As for Julius' paw/hot spots, I too would discourage her from licking them to prevent the wounds from getting worse as well as to keep the licking from becoming a habit. Staying away from the irritant (nylabones in this case) is a good idea.


----------



## Jen2010 (Feb 12, 2013)

Our dog uses her paws quite a bit, but she's half Boxer so it's normal for her. She definitely used them more when she was a puppy though.


----------



## Foresthund (Jul 17, 2013)

Yes,he will hold things above his head with his paws and sometimes catches frisbee's with them and if he doesn't catch them he will paw around the dirt or snow where it landed so he can grab them. I trained him not to paw me but he will paw at cats and other dogs. I have seen him clean his face like a cat but he does such rarely. I've also seen him pop balloons by standing their and sticking out his paw and stomping on them. He had his dew claws removed before I got him which they say limits these things,but I haven't seen it.


----------



## Perrin (Feb 7, 2014)

Amaryllis said:


> 1. Some dogs are very inclined to use paws in play, notably boxers. Some dogs are okay with it, some dogs get angry about it. I wouldn't let her play with random dogs if she isn't responding to warning growls. (It could just be her age. She has just aged out of the "puppy pass", so she may not understand the growl is for her.)
> 
> 2. If she's not humping when she "hugs" you, I wouldn't care. Kabota likes to "hug" my arms when we're cuddling. If he were humping me, I wouldn't allow the hugging at all.

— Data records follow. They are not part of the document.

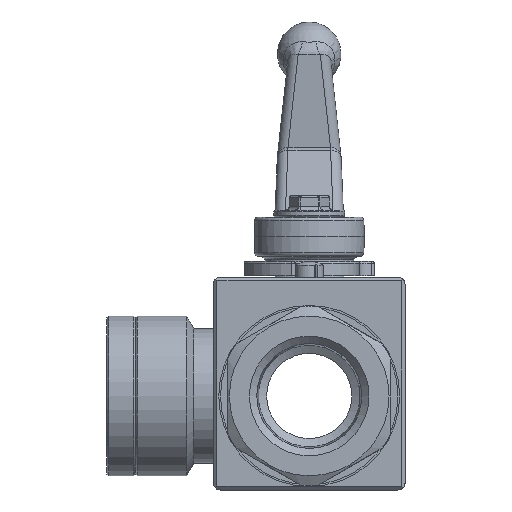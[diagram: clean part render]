
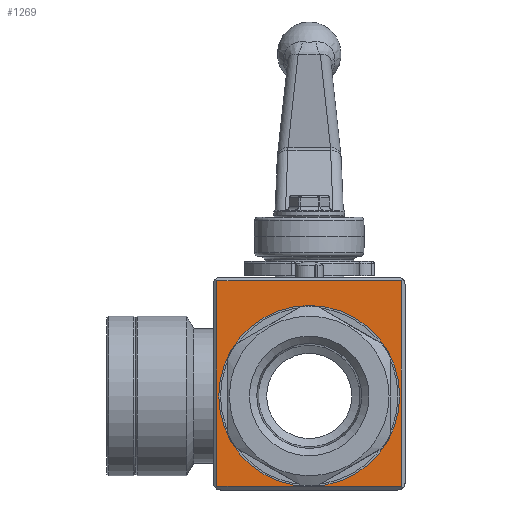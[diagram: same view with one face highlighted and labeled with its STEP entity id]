
A CAD part, front view. The second image highlights one B-rep face of the part: STEP entity #1269.
In plain terms, the highlighted planar face has unit normal (0, -1, 0).
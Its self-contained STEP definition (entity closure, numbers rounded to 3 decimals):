
#1269 = ADVANCED_FACE( '', ( #2572 ), #2573, .T. );
#2572 = FACE_OUTER_BOUND( '', #4561, .T. );
#2573 = PLANE( '', #4562 );
#4561 = EDGE_LOOP( '', ( #7805, #7806, #7807, #7808, #7809, #7810 ) );
#4562 = AXIS2_PLACEMENT_3D( '', #7811, #7812, #7813 );
#7805 = ORIENTED_EDGE( '', *, *, #9451, .T. );
#7806 = ORIENTED_EDGE( '', *, *, #9168, .T. );
#7807 = ORIENTED_EDGE( '', *, *, #9831, .F. );
#7808 = ORIENTED_EDGE( '', *, *, #9167, .T. );
#7809 = ORIENTED_EDGE( '', *, *, #8853, .T. );
#7810 = ORIENTED_EDGE( '', *, *, #9465, .T. );
#7811 = CARTESIAN_POINT( '', ( -27., -33.1, -26.5 ) );
#7812 = DIRECTION( '', ( 0., -1., 0. ) );
#7813 = DIRECTION( '', ( 0., 0., -1. ) );
#8853 = EDGE_CURVE( '', #10374, #10382, #10384, .T. );
#9167 = EDGE_CURVE( '', #10890, #10374, #10891, .T. );
#9168 = EDGE_CURVE( '', #10892, #10890, #10893, .T. );
#9451 = EDGE_CURVE( '', #11306, #10892, #11308, .T. );
#9465 = EDGE_CURVE( '', #10382, #11306, #11328, .T. );
#9831 = EDGE_CURVE( '', #10890, #10890, #11791, .T. );
#10374 = VERTEX_POINT( '', #12610 );
#10382 = VERTEX_POINT( '', #12620 );
#10384 = LINE( '', #12623, #12624 );
#10890 = VERTEX_POINT( '', #13438 );
#10891 = LINE( '', #13439, #13440 );
#10892 = VERTEX_POINT( '', #13441 );
#10893 = LINE( '', #13442, #13443 );
#11306 = VERTEX_POINT( '', #14249 );
#11308 = LINE( '', #14252, #14253 );
#11328 = LINE( '', #14280, #14281 );
#11791 = CIRCLE( '', #15148, 25.5 );
#12610 = CARTESIAN_POINT( '', ( 26., -33.1, -25.5 ) );
#12620 = CARTESIAN_POINT( '', ( 26., -33.1, 32.5 ) );
#12623 = CARTESIAN_POINT( '', ( 26., -33.1, 33.5 ) );
#12624 = VECTOR( '', #15974, 1000. );
#13438 = CARTESIAN_POINT( '', ( 0., -33.1, -25.5 ) );
#13439 = CARTESIAN_POINT( '', ( 27., -33.1, -25.5 ) );
#13440 = VECTOR( '', #16408, 1000. );
#13441 = CARTESIAN_POINT( '', ( -26., -33.1, -25.5 ) );
#13442 = CARTESIAN_POINT( '', ( 27., -33.1, -25.5 ) );
#13443 = VECTOR( '', #16409, 1000. );
#14249 = CARTESIAN_POINT( '', ( -26., -33.1, 32.5 ) );
#14252 = CARTESIAN_POINT( '', ( -26., -33.1, -26.5 ) );
#14253 = VECTOR( '', #16791, 1000. );
#14280 = CARTESIAN_POINT( '', ( -27., -33.1, 32.5 ) );
#14281 = VECTOR( '', #16808, 1000. );
#15148 = AXIS2_PLACEMENT_3D( '', #17227, #17228, #17229 );
#15974 = DIRECTION( '', ( 0., 0., 1. ) );
#16408 = DIRECTION( '', ( 1., 0., 0. ) );
#16409 = DIRECTION( '', ( 1., 0., 0. ) );
#16791 = DIRECTION( '', ( 0., 0., -1. ) );
#16808 = DIRECTION( '', ( -1., 0., 0. ) );
#17227 = CARTESIAN_POINT( '', ( 0., -33.1, 0. ) );
#17228 = DIRECTION( '', ( 0., -1., 0. ) );
#17229 = DIRECTION( '', ( 1., 0., 0. ) );

Thanks for the input. It was the first warning growl she has received, so hopefully she will learn. And there is no humping, just sort of begging us to play with her.


----------



## Jadesy (Mar 13, 2014)

Nylabones are nylon, aren't they? It's possible he's actually allergic to the nylon, my dog is allergic to nylon collars. That may be why there are spots on his toes.


----------



## Miss Bugs (Jul 4, 2011)

Gypsy is just awful about using her paws for everything, she walks around wacking things(and you) with her front paws, she also uses her paws for evil , and steals things from the counter, she is not that big but she can reach anything by shifting her angles to get the best use of her legs and can grab things from the very back of the counter
mnmnmnmnmnmnmnmnmnmnmnmnmnmnmnmnmnmnmnmnmnmnmnmnmnmnmnmnmnmnmnmnmnmnmnmnmnmnmnmnmnmnmnmnmnmnmnmnmnmnmnmnmnmnmnmnmnmnmnmnmnmnmnmnmnmnmnmnmnmnmnmnmnmnmnmnmnmnmnmn 


I felt leaving that streak of letters appropriate because its what I came back to Gypsy doing with her front paws while I was letting Baby inside...


----------



## shallbe (Jan 16, 2012)

Tweed does not really use his paws excessively, but when we got Jubilee we immediately noticed that she uses her paws much more. As she learned to play tug from Tweed, we noticed that she would rather try to grab the rope using her paw than to hold it hard in her jaws. She also likes to put her paw on me possessively when I'm petting her.

Interestingly, Tweed, as a cocker-mix, has an incredibly strong jaw and hold. Jubilee does not...she doesn't enjoy tug much, and will avoid pulling and always loses the game because she keeps letting go to get a better grip--the truth is she just doesn't like to bite down hard and hold. So I expect that's why she uses her paws so much.


----------



## Doggydad (Feb 6, 2020)

julius said:


> Julius uses his front paws a lot, almost as if he thinks they're hands! When I give him a toy, be it a deer antler, nylabone, kong, etc., he will usually lay down and grip it with his front two paws, and then go to town grinding on it. This usually is just cute and funny, but I've noticed now that his nylabone has some nice shreds in it, the hard plastic has started to dig marks into both his paws! He has two spots on each paw when the skin has been rubbed off. He keeps licking them, so they haven't healed in over 2 weeks. Is this something to worry about? Is it kind of normal? Are small spots like that no cause for concern?
> 
> Thanks


I adopted my little girl Suki and was told she was American bulldog/lab mix, she will hang onto the rope when we play tug or pull dads shoulders out of socket. I can lift her almost vertical . Ive loved and fostered many dogs and have never seen a dog use their paws in this manner. In some ways she reminds me of a boxer..


----------



## 3GSD4IPO (Jun 8, 2016)

My one dog lives here with another dog and two cats. He is VERY smart and he does not miss anything. The one cat is blind and he will lay on his back and play with his feet. He will use his paws to pat the dogs. 

This young dog has taken to using his paws with the cat exactly like the cat does. Does this make my dog a Copy Cat?????


----------